BEGIN Record excerpts

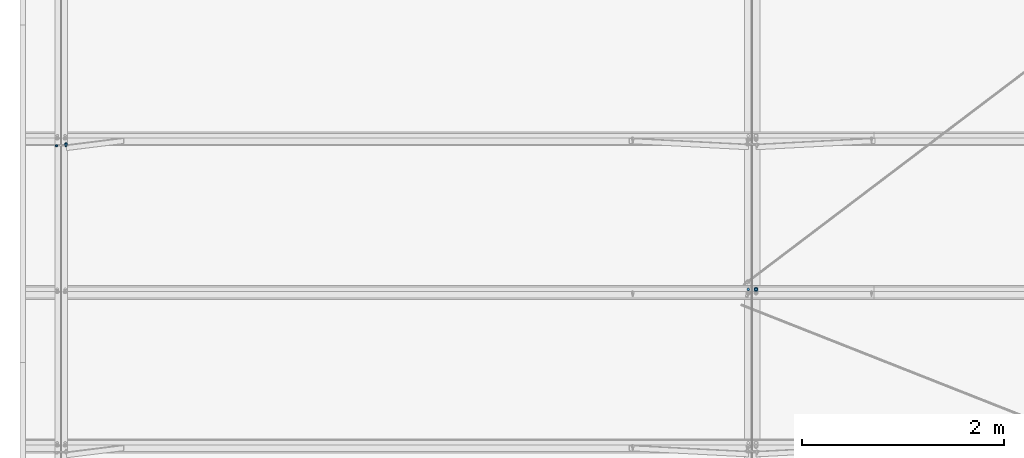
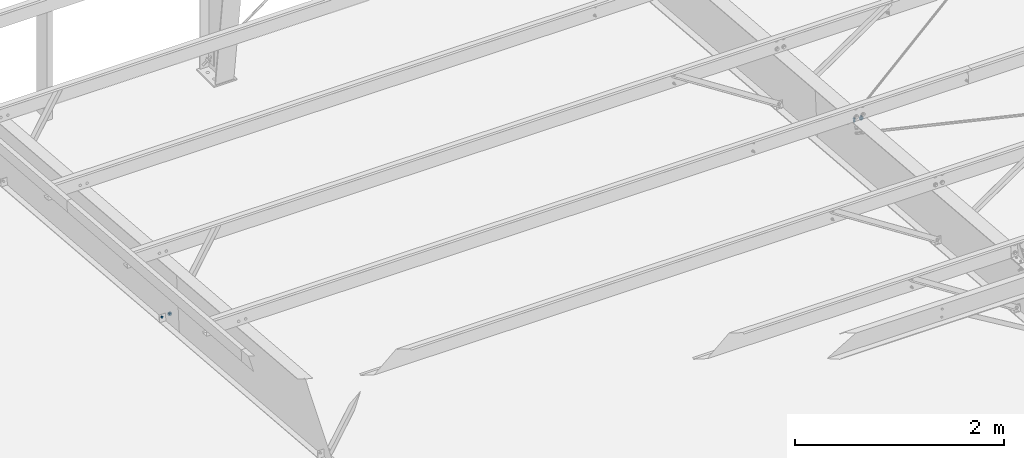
# One storey, part 144 of 185: 5 mechanical fasteners, 3 elements without a shape of their own.
"""IFC2X3 building model written with IfcOpenShell, lengths in millimetres."""

import ifcopenshell
import ifcopenshell.guid

model = None  # the IFC model being written
_history = None  # IfcOwnerHistory: only IFC2X3 demands one
_inside = {}  # id of a spatial element -> (the spatial element, [elements in it])
_under = {}  # id of a project, library or spatial element -> (it, [spatial elements below it])
_declared = {}  # id of a project -> (the project, [libraries it declares])
_typed = {}  # id of a type object -> (the type object, [elements of that type])
_made_of = {}  # id of a material, layer set ... -> (it, [elements and type objects made of it])


def new_model(schema):
    """Start an empty IFC model of exactly this schema.

    Asked for "IFC4X3", IfcOpenShell would pick the latest addendum, in which some entities
    have other attributes; the version numbers below select the first issue.
    IFC2X3 requires an IfcOwnerHistory on every rooted entity: one is made here for all.
    """
    global model, _history
    if schema == "IFC4X3":
        model = ifcopenshell.file(schema_version=(4, 3, 0, 0))
    else:
        model = ifcopenshell.file(schema=schema)
    _inside.clear()
    _under.clear()
    _declared.clear()
    _typed.clear()
    _made_of.clear()
    _history = None
    if model.schema == "IFC2X3":
        org = make("IfcOrganization", Name="unknown")
        user = make(
            "IfcPersonAndOrganization",
            ThePerson=make("IfcPerson", FamilyName="unknown"),
            TheOrganization=org,
        )
        app = make(
            "IfcApplication",
            ApplicationDeveloper=org,
            Version="unknown",
            ApplicationFullName="unknown",
            ApplicationIdentifier="unknown",
        )
        _history = make(
            "IfcOwnerHistory",
            OwningUser=user,
            OwningApplication=app,
            ChangeAction="ADDED",
            CreationDate=0,
        )
    return model


def make(cls, **values):
    """One entity of the class cls with the attributes given. An attribute that is None is left unset."""
    return model.create_entity(
        cls, **{name: value for name, value in values.items() if value is not None}
    )


def rooted(cls, **values):
    """An entity with a GlobalId (a new one), such as an element, a storey or a relation."""
    return make(cls, GlobalId=ifcopenshell.guid.new(), OwnerHistory=_history, **values)


def si_unit(unit_type, name, prefix=None):
    """IfcSIUnit, for example si_unit("LENGTHUNIT", "METRE", prefix="MILLI")."""
    return make("IfcSIUnit", UnitType=unit_type, Prefix=prefix, Name=name)


def assignment(units):
    """IfcUnitAssignment: the units of a project."""
    return None if units is None else make("IfcUnitAssignment", Units=units)


def point(xyz):
    """IfcCartesianPoint."""
    return None if xyz is None else make("IfcCartesianPoint", Coordinates=xyz)


def direction(xyz):
    """IfcDirection."""
    return None if xyz is None else make("IfcDirection", DirectionRatios=xyz)


def frame(location, z_axis=None, x_axis=None):
    """IfcAxis2Placement3D, a coordinate frame: its origin and axes. An axis left out is left unset."""
    return make(
        "IfcAxis2Placement3D",
        Location=point(location),
        Axis=direction(z_axis),
        RefDirection=direction(x_axis),
    )


def frame_2d(location, x_axis=None):
    """IfcAxis2Placement2D, a coordinate frame in the plane: its origin and x axis."""
    return make(
        "IfcAxis2Placement2D", Location=point(location), RefDirection=direction(x_axis)
    )


def origin_with_axes():
    """The frame at (0, 0, 0) with the z axis (0, 0, 1) and the x axis (1, 0, 0) written out."""
    return frame((0.0, 0.0, 0.0), z_axis=(0.0, 0.0, 1.0), x_axis=(1.0, 0.0, 0.0))


def origin_2d_with_axis():
    """The frame at (0, 0) in the plane with the x axis (1, 0) written out."""
    return frame_2d((0.0, 0.0), x_axis=(1.0, 0.0))


def place(relative_to, where):
    """IfcLocalPlacement: puts the frame where relative to a parent placement (None: the world)."""
    return make(
        "IfcLocalPlacement", PlacementRelTo=relative_to, RelativePlacement=where
    )


def context(
    kind, dimensions, precision=None, world=None, true_north=None, identifier=None
):
    """IfcGeometricRepresentationContext, for example the 3D "Model" context."""
    return make(
        "IfcGeometricRepresentationContext",
        ContextIdentifier=identifier,
        ContextType=kind,
        CoordinateSpaceDimension=dimensions,
        Precision=precision,
        WorldCoordinateSystem=world,
        TrueNorth=true_north,
    )


def subcontext(parent, identifier, kind, view, scale=None):
    """IfcGeometricRepresentationSubContext, for example "Body" below "Model"."""
    return make(
        "IfcGeometricRepresentationSubContext",
        ContextIdentifier=identifier,
        ContextType=kind,
        ParentContext=parent,
        TargetScale=scale,
        TargetView=view,
    )


def project(units=None, contexts=None):
    """IfcProject with its units and contexts."""
    return rooted(
        "IfcProject",
        Name="project",
        RepresentationContexts=contexts,
        UnitsInContext=assignment(units),
    )


def spatial(cls, under=None, at=None, **own):
    """A site, building, storey or space (cls), placed at a placement, below another one or the project."""
    s = rooted(cls, ObjectPlacement=at, **own)
    if under is not None:
        _under.setdefault(under.id(), (under, []))[1].append(s)
    return s


def polyline(points):
    """IfcPolyline through the points."""
    return make("IfcPolyline", Points=[point(p) for p in points])


def profile(cls, at=None, kind="AREA", **sizes):
    """A parametric profile (cls). Its sizes go by their IFC names, for example OverallWidth=200.0."""
    return make(cls, ProfileType=kind, Position=at, **sizes)


def circle(**sizes):
    """IfcCircleProfileDef."""
    return profile("IfcCircleProfileDef", **sizes)


def outline(outer, holes=None, kind="AREA"):
    """IfcArbitraryClosedProfileDef: a profile drawn as a closed curve; with holes, ...WithVoids."""
    if holes is None:
        return make("IfcArbitraryClosedProfileDef", ProfileType=kind, OuterCurve=outer)
    return make(
        "IfcArbitraryProfileDefWithVoids",
        ProfileType=kind,
        OuterCurve=outer,
        InnerCurves=holes,
    )


def extrude(swept, where, along, depth):
    """IfcExtrudedAreaSolid: the profile swept, set in the frame where, extruded along a direction by depth."""
    return make(
        "IfcExtrudedAreaSolid",
        SweptArea=swept,
        Position=where,
        ExtrudedDirection=direction(along),
        Depth=depth,
    )


def shape(context_of_items, identifier, shape_type, items):
    """IfcShapeRepresentation: the items that make up one representation, for example the "Body"."""
    return make(
        "IfcShapeRepresentation",
        ContextOfItems=context_of_items,
        RepresentationIdentifier=identifier,
        RepresentationType=shape_type,
        Items=items,
    )


def source(mapping_origin, context_of_items, identifier, shape_type, items):
    """IfcRepresentationMap: a shape defined once, which mapped items show again and again."""
    return make(
        "IfcRepresentationMap",
        MappingOrigin=mapping_origin,
        MappedRepresentation=shape(context_of_items, identifier, shape_type, items),
    )


def transform(
    local_origin,
    x_axis=None,
    y_axis=None,
    z_axis=None,
    scale=None,
    scale2=None,
    scale3=None,
    uniform=True,
):
    """IfcCartesianTransformationOperator3D, or its non-uniform kind. x_axis, y_axis, z_axis: its Axis1, 2, 3."""
    if uniform:
        return make(
            "IfcCartesianTransformationOperator3D",
            Axis1=direction(x_axis),
            Axis2=direction(y_axis),
            LocalOrigin=point(local_origin),
            Scale=scale,
            Axis3=direction(z_axis),
        )
    return make(
        "IfcCartesianTransformationOperator3DnonUniform",
        Axis1=direction(x_axis),
        Axis2=direction(y_axis),
        LocalOrigin=point(local_origin),
        Scale=scale,
        Axis3=direction(z_axis),
        Scale2=scale2,
        Scale3=scale3,
    )


def mapped(mapping_source, mapping_target):
    """IfcMappedItem: shows the shape of a source again, moved by a transform."""
    return make(
        "IfcMappedItem", MappingSource=mapping_source, MappingTarget=mapping_target
    )


def material(Name=None, Category=None):
    """IfcMaterial."""
    return make("IfcMaterial", Name=Name, Category=Category)


def made_of(thing, what):
    """Note that an element or type object is made of a material, layer set ...; save() writes the relation."""
    if what is not None:
        _made_of.setdefault(what.id(), (what, []))[1].append(thing)
    return thing


def type_object(cls, material=None, **own):
    """A type object (cls), such as IfcWallType, which elements share."""
    return made_of(rooted(cls, **own), material)


def element(
    cls,
    number,
    at=None,
    inside=None,
    cuts=None,
    type_object=None,
    material=None,
    context=None,
    identifier="Body",
    shape_type=None,
    held_by="IfcProductDefinitionShape",
    body=None,
    shapes=None,
    **own,
):
    """One element of the class cls, such as IfcWall. Its Tag is "e" and its number.

    at: its placement. inside: the storey or other place that contains it. cuts: it is an
    opening in that element (IfcRelVoidsElement). A single representation is given by context,
    identifier, shape_type and body (its items); several are given by shapes. held_by: the class
    of the entity that holds the representations. save() writes the other relations.
    """
    e = rooted(cls, Tag="e%d" % number, ObjectPlacement=at, **own)
    if body is not None:
        shapes = [shape(context, identifier, shape_type, body)]
    if shapes is not None:
        e.Representation = make(held_by, Representations=shapes)
    if inside is not None:
        _inside.setdefault(inside.id(), (inside, []))[1].append(e)
    if cuts is not None:
        rooted(
            "IfcRelVoidsElement", RelatingBuildingElement=cuts, RelatedOpeningElement=e
        )
    if type_object is not None:
        _typed.setdefault(type_object.id(), (type_object, []))[1].append(e)
    return made_of(e, material)


def aggregate(whole, parts):
    """IfcRelAggregates: a whole, such as a stair, and the parts it consists of."""
    return rooted("IfcRelAggregates", RelatingObject=whole, RelatedObjects=parts)


def save(model, path):
    """Write the relations noted so far, then the file.

    IfcRelAggregates (storeys below a building ...), IfcRelContainedInSpatialStructure (elements
    in a storey), IfcRelDefinesByType, IfcRelAssociatesMaterial and IfcRelDeclares: one each for
    every whole, place, type object, material and project.
    """
    for whole, parts in _under.values():
        aggregate(whole, parts)
    for where, things in _inside.values():
        rooted(
            "IfcRelContainedInSpatialStructure",
            RelatedElements=things,
            RelatingStructure=where,
        )
    for kind, things in _typed.values():
        rooted("IfcRelDefinesByType", RelatedObjects=things, RelatingType=kind)
    for what, things in _made_of.values():
        rooted("IfcRelAssociatesMaterial", RelatedObjects=things, RelatingMaterial=what)
    for by, libraries in _declared.values():
        rooted("IfcRelDeclares", RelatingContext=by, RelatedDefinitions=libraries)
    model.write(path)


model = new_model("IFC2X3")

# Units and contexts
model_context = context("Model", 3, precision=1e-05, world=origin_with_axes())
body_context = subcontext(model_context, "Body", "Model", "MODEL_VIEW")
ifc_project = project(units=[si_unit("LENGTHUNIT", "METRE", prefix="MILLI"), si_unit("AREAUNIT", "SQUARE_METRE"), si_unit("VOLUMEUNIT", "CUBIC_METRE"), si_unit("MASSUNIT", "GRAM", prefix="KILO"), si_unit("TIMEUNIT", "SECOND"), si_unit("PLANEANGLEUNIT", "RADIAN"), si_unit("SOLIDANGLEUNIT", "STERADIAN"), si_unit("THERMODYNAMICTEMPERATUREUNIT", "DEGREE_CELSIUS"), si_unit("LUMINOUSINTENSITYUNIT", "LUMEN")], contexts=[model_context])

# Site, building, storey
site_placement = place(None, origin_with_axes())
site = spatial("IfcSite", under=ifc_project, at=site_placement, Name="Undefined", CompositionType="ELEMENT")
building_placement = place(site_placement, origin_with_axes())
building = spatial("IfcBuilding", under=site, at=building_placement, Name="Undefined", CompositionType="ELEMENT")
storey_placement = place(building_placement, origin_with_axes())
storey = spatial("IfcBuildingStorey", under=building, at=storey_placement, Name="Undefined", CompositionType="ELEMENT", Elevation=0.0)

# Assembly, mechanical fastener
assembly_1_placement = place(storey_placement, origin_with_axes())
assembly_1 = element("IfcElementAssembly", 1, at=assembly_1_placement, inside=storey, Name="Steel Assembly", AssemblyPlace="NOTDEFINED", PredefinedType="RIGID_FRAME")
ifc_material_1 = material(Name="Undefined")
discrete_accessory_type = type_object("IfcDiscreteAccessoryType", Name="Bolt assembly")
shared_shape_1 = source(origin_with_axes(), body_context, "Body", "SweptSolid", [
    extrude(circle(Radius=7.14374971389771, at=origin_2d_with_axis()), frame((0.0, -1.59000001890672, 0.0), z_axis=(0.0, 1.0, 0.0), x_axis=(1.0, 0.0, 0.0)), (0.0, 0.0, 1.0), 1.7),
    extrude(outline(polyline([(10.9985221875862, 0.0), (5.4992610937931, 9.52499961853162), (-5.4992610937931, 9.52499961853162), (-10.9985221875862, 0.0), (-5.4992610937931, -9.52499961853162), (5.4992610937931, -9.52499961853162), (10.9985221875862, 0.0)])), frame((0.0, -15.0837496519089, 0.0), z_axis=(0.0, 1.0, 0.0), x_axis=(1.0, 0.0, 0.0)), (0.0, 0.0, 1.0), 9.5),
    extrude(circle(Radius=6.34999990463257, at=origin_2d_with_axis()), frame((0.0, -5.5587500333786, 0.0), z_axis=(0.0, 1.0, 0.0), x_axis=(1.0, 0.0, 0.0)), (0.0, 0.0, 1.0), 38.1),
    extrude(circle(Radius=13.4937496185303, at=origin_2d_with_axis()), frame((0.0, -5.5587500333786, 0.0), z_axis=(0.0, 1.0, 0.0), x_axis=(1.0, 0.0, 0.0)), (0.0, 0.0, 1.0), 4.0),
    extrude(circle(Radius=22.2250003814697, at=origin_2d_with_axis()), frame((0.0, 0.0, 0.0), z_axis=(0.0, 1.0, 0.0), x_axis=(1.0, 0.0, 0.0)), (0.0, 0.0, 1.0), 7.9),
    extrude(outline(polyline([(12.8316099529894, 0.0), (6.4158049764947, 11.1125001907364), (-6.4158049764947, 11.1125001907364), (-12.8316099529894, 0.0), (-6.4158049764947, -11.1125001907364), (6.4158049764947, -11.1125001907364), (12.8316099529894, 0.0)])), frame((0.0, 7.93750000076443, 0.0), z_axis=(0.0, 1.0, 0.0), x_axis=(1.0, 0.0, 0.0)), (0.0, 0.0, 1.0), 12.3),
])
mechanical_fastener_1_placement = place(assembly_1_placement, frame((453.111633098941, 20790.5686875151, 6167.88093927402), z_axis=(-0.832860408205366, 0.0459642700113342, 0.551571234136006), x_axis=(0.553483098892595, 0.0691652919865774, 0.829983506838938)))
mechanical_fastener_1 = element("IfcMechanicalFastener", 2, at=mechanical_fastener_1_placement, type_object=discrete_accessory_type, material=ifc_material_1, Name="Bolt assembly", NominalDiameter=12.6999998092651, NominalLength=38.0999984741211, context=body_context, shape_type="MappedRepresentation", body=[
    mapped(shared_shape_1, transform((0.0, 0.0, 0.0))),
])
aggregate(assembly_1, [mechanical_fastener_1])

# Assembly, mechanical fasteners
assembly_2_placement = place(storey_placement, origin_with_axes())
assembly_2 = element("IfcElementAssembly", 3, at=assembly_2_placement, inside=storey, Name="Steel Assembly", AssemblyPlace="NOTDEFINED", PredefinedType="RIGID_FRAME")
ifc_material_2 = material(Name="7990")
shared_shape_2 = source(origin_with_axes(), body_context, "Body", "SweptSolid", [
    extrude(circle(Radius=7.14374971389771, at=origin_2d_with_axis()), frame((0.0, -3.41600000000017, 0.0), z_axis=(0.0, 1.0, 0.0), x_axis=(1.0, 0.0, 0.0)), (0.0, 0.0, 1.0), 3.5),
    extrude(circle(Radius=11.4299998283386, at=origin_2d_with_axis()), frame((0.0, 0.0, 0.0), z_axis=(0.0, 1.0, 0.0), x_axis=(1.0, 0.0, 0.0)), (0.0, 0.0, 1.0), 4.2),
    extrude(outline(polyline([(12.171698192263, 0.0), (6.08584909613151, 10.5409998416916), (-6.08584909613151, 10.5409998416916), (-12.171698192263, 0.0), (-6.08584909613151, -10.5409998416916), (6.08584909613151, -10.5409998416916), (12.171698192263, 0.0)])), frame((0.0, 4.1909999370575, 0.0), z_axis=(0.0, 1.0, 0.0), x_axis=(1.0, 0.0, 0.0)), (0.0, 0.0, 1.0), 8.4),
])
mechanical_fastener_2_placement = place(assembly_2_placement, frame((360.241850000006, 20790.4995222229, 6167.05095576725), z_axis=(-0.921635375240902, 0.0322263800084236, 0.386716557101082), x_axis=(-0.388056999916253, -0.0765376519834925, -0.918451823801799)))
mechanical_fastener_2 = element("IfcMechanicalFastener", 4, at=mechanical_fastener_2_placement, type_object=discrete_accessory_type, material=ifc_material_2, Name="Bolt assembly", NominalDiameter=12.6999998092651, NominalLength=38.0999984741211, context=body_context, shape_type="MappedRepresentation", body=[
    mapped(shared_shape_2, transform((0.0, 0.0, 0.0))),
])
shared_shape_3 = source(origin_with_axes(), body_context, "Body", "SweptSolid", [
    extrude(circle(Radius=7.14374971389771, at=origin_2d_with_axis()), frame((0.0, 0.0, 0.0), z_axis=(0.0, 1.0, 0.0), x_axis=(1.0, 0.0, 0.0)), (0.0, 0.0, 1.0), 3.5),
    extrude(circle(Radius=11.4299998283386, at=origin_2d_with_axis()), frame((0.0, 3.41600000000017, 0.0), z_axis=(0.0, 1.0, 0.0), x_axis=(1.0, 0.0, 0.0)), (0.0, 0.0, 1.0), 4.2),
    extrude(outline(polyline([(12.171698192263, 0.0), (6.08584909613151, 10.5409998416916), (-6.08584909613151, 10.5409998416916), (-12.171698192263, 0.0), (-6.08584909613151, -10.5409998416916), (6.08584909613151, -10.5409998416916), (12.171698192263, 0.0)])), frame((0.0, 7.60699993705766, 0.0), z_axis=(0.0, 1.0, 0.0), x_axis=(1.0, 0.0, 0.0)), (0.0, 0.0, 1.0), 8.4),
])
mechanical_fastener_3_placement = place(assembly_2_placement, frame((452.558150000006, 20790.4995222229, 6167.05095576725), z_axis=(0.921635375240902, 0.0322263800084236, 0.386716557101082), x_axis=(0.388056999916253, -0.0765376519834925, -0.918451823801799)))
mechanical_fastener_3 = element("IfcMechanicalFastener", 5, at=mechanical_fastener_3_placement, type_object=discrete_accessory_type, material=ifc_material_2, Name="Bolt assembly", NominalDiameter=12.6999998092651, NominalLength=38.0999984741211, context=body_context, shape_type="MappedRepresentation", body=[
    mapped(shared_shape_3, transform((0.0, 0.0, 0.0))),
])
aggregate(assembly_2, [mechanical_fastener_3, mechanical_fastener_2])

assembly_3_placement = place(storey_placement, origin_with_axes())
assembly_3 = element("IfcElementAssembly", 6, at=assembly_3_placement, inside=storey, Name="Steel Assembly", AssemblyPlace="NOTDEFINED", PredefinedType="RIGID_FRAME")
shared_shape_4 = source(origin_with_axes(), body_context, "Body", "SweptSolid", [
    extrude(circle(Radius=7.14374971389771, at=origin_2d_with_axis()), frame((0.0, -0.0238014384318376, 0.0), z_axis=(0.0, 1.0, 0.0), x_axis=(1.0, 0.0, 0.0)), (0.0, 0.0, 1.0), 8.0),
    extrude(circle(Radius=7.14374971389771, at=origin_2d_with_axis()), frame((0.0, -3.08000006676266, 0.0), z_axis=(0.0, 1.0, 0.0), x_axis=(1.0, 0.0, 0.0)), (0.0, 0.0, 1.0), 3.2),
    extrude(circle(Radius=7.14374971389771, at=origin_2d_with_axis()), frame((0.0, -3.08000006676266, 0.0), z_axis=(0.0, 1.0, 0.0), x_axis=(1.0, 0.0, 0.0)), (0.0, 0.0, 1.0), 3.2),
    extrude(outline(polyline([(10.9985221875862, 0.0), (5.4992610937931, 9.52499961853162), (-5.4992610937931, 9.52499961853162), (-10.9985221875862, 0.0), (-5.4992610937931, -9.52499961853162), (5.4992610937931, -9.52499961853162), (10.9985221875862, 0.0)])), frame((0.0, -16.6737496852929, 0.0), z_axis=(0.0, 1.0, 0.0), x_axis=(1.0, 0.0, 0.0)), (0.0, 0.0, 1.0), 9.5),
    extrude(circle(Radius=6.34999990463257, at=origin_2d_with_axis()), frame((0.0, -7.14875006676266, 0.0), z_axis=(0.0, 1.0, 0.0), x_axis=(1.0, 0.0, 0.0)), (0.0, 0.0, 1.0), 38.1),
    extrude(circle(Radius=13.4937496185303, at=origin_2d_with_axis()), frame((0.0, -7.14875006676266, 0.0), z_axis=(0.0, 1.0, 0.0), x_axis=(1.0, 0.0, 0.0)), (0.0, 0.0, 1.0), 4.0),
    extrude(circle(Radius=22.2250003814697, at=origin_2d_with_axis()), frame((0.0, 7.95019856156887, 0.0), z_axis=(0.0, 1.0, 0.0), x_axis=(1.0, 0.0, 0.0)), (0.0, 0.0, 1.0), 7.9),
    extrude(outline(polyline([(12.8316099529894, 0.0), (6.4158049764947, 11.1125001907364), (-6.4158049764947, 11.1125001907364), (-12.8316099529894, 0.0), (-6.4158049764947, -11.1125001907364), (6.4158049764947, -11.1125001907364), (12.8316099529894, 0.0)])), frame((0.0, 15.8876985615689, 0.0), z_axis=(0.0, 1.0, 0.0), x_axis=(1.0, 0.0, 0.0)), (0.0, 0.0, 1.0), 12.3),
])
mechanical_fastener_4_placement = place(assembly_3_placement, frame((7277.1, 19364.3117456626, 6945.40302177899), z_axis=(-1.0, 0.0, 0.0), x_axis=(0.0, 0.996545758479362, -0.0830454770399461)))
mechanical_fastener_4 = element("IfcMechanicalFastener", 7, at=mechanical_fastener_4_placement, type_object=discrete_accessory_type, material=ifc_material_1, Name="Bolt assembly", NominalDiameter=12.6999998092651, NominalLength=38.0999984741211, context=body_context, shape_type="MappedRepresentation", body=[
    mapped(shared_shape_4, transform((0.0, 0.0, 0.0))),
])
shared_shape_5 = source(origin_with_axes(), body_context, "Body", "SweptSolid", [
    extrude(circle(Radius=7.14374971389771, at=origin_2d_with_axis()), frame((0.0, -0.0238014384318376, 0.0), z_axis=(0.0, 1.0, 0.0), x_axis=(1.0, 0.0, 0.0)), (0.0, 0.0, 1.0), 8.0),
    extrude(circle(Radius=7.14374971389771, at=origin_2d_with_axis()), frame((0.0, -3.08000006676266, 0.0), z_axis=(0.0, 1.0, 0.0), x_axis=(1.0, 0.0, 0.0)), (0.0, 0.0, 1.0), 3.2),
    extrude(circle(Radius=7.14374971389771, at=origin_2d_with_axis()), frame((0.0, -3.08000006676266, 0.0), z_axis=(0.0, 1.0, 0.0), x_axis=(1.0, 0.0, 0.0)), (0.0, 0.0, 1.0), 3.2),
    extrude(outline(polyline([(10.9985221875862, 0.0), (5.4992610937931, 9.52499961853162), (-5.4992610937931, 9.52499961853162), (-10.9985221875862, 0.0), (-5.4992610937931, -9.52499961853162), (5.4992610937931, -9.52499961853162), (10.9985221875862, 0.0)])), frame((0.0, -16.6737496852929, 0.0), z_axis=(0.0, 1.0, 0.0), x_axis=(1.0, 0.0, 0.0)), (0.0, 0.0, 1.0), 9.5),
    extrude(circle(Radius=6.34999990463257, at=origin_2d_with_axis()), frame((0.0, -7.14875006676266, 0.0), z_axis=(0.0, 1.0, 0.0), x_axis=(1.0, 0.0, 0.0)), (0.0, 0.0, 1.0), 38.1),
    extrude(circle(Radius=13.4937496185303, at=origin_2d_with_axis()), frame((0.0, -7.14875006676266, 0.0), z_axis=(0.0, 1.0, 0.0), x_axis=(1.0, 0.0, 0.0)), (0.0, 0.0, 1.0), 4.0),
    extrude(outline(polyline([(12.8316099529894, 0.0), (6.4158049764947, 11.1125001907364), (-6.4158049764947, 11.1125001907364), (-12.8316099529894, 0.0), (-6.4158049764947, -11.1125001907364), (6.4158049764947, -11.1125001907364), (12.8316099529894, 0.0)])), frame((0.0, 7.95019856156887, 0.0), z_axis=(0.0, 1.0, 0.0), x_axis=(1.0, 0.0, 0.0)), (0.0, 0.0, 1.0), 12.3),
])
mechanical_fastener_5_placement = place(assembly_3_placement, frame((7200.9, 19364.3117456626, 6945.40302177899), z_axis=(-1.0, 0.0, 0.0), x_axis=(0.0, 0.996545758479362, -0.0830454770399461)))
mechanical_fastener_5 = element("IfcMechanicalFastener", 8, at=mechanical_fastener_5_placement, type_object=discrete_accessory_type, material=ifc_material_1, Name="Bolt assembly", NominalDiameter=12.6999998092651, NominalLength=38.0999984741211, context=body_context, shape_type="MappedRepresentation", body=[
    mapped(shared_shape_5, transform((0.0, 0.0, 0.0))),
])
aggregate(assembly_3, [mechanical_fastener_4, mechanical_fastener_5])

save(model, "model.ifc")

END Record excerpts

### Problem requirements
From the records above, pull out each line that has "IfcDirection".

### Solved exercise
    """IfcDirection."""
    return None if xyz is None else make("IfcDirection", DirectionRatios=xyz)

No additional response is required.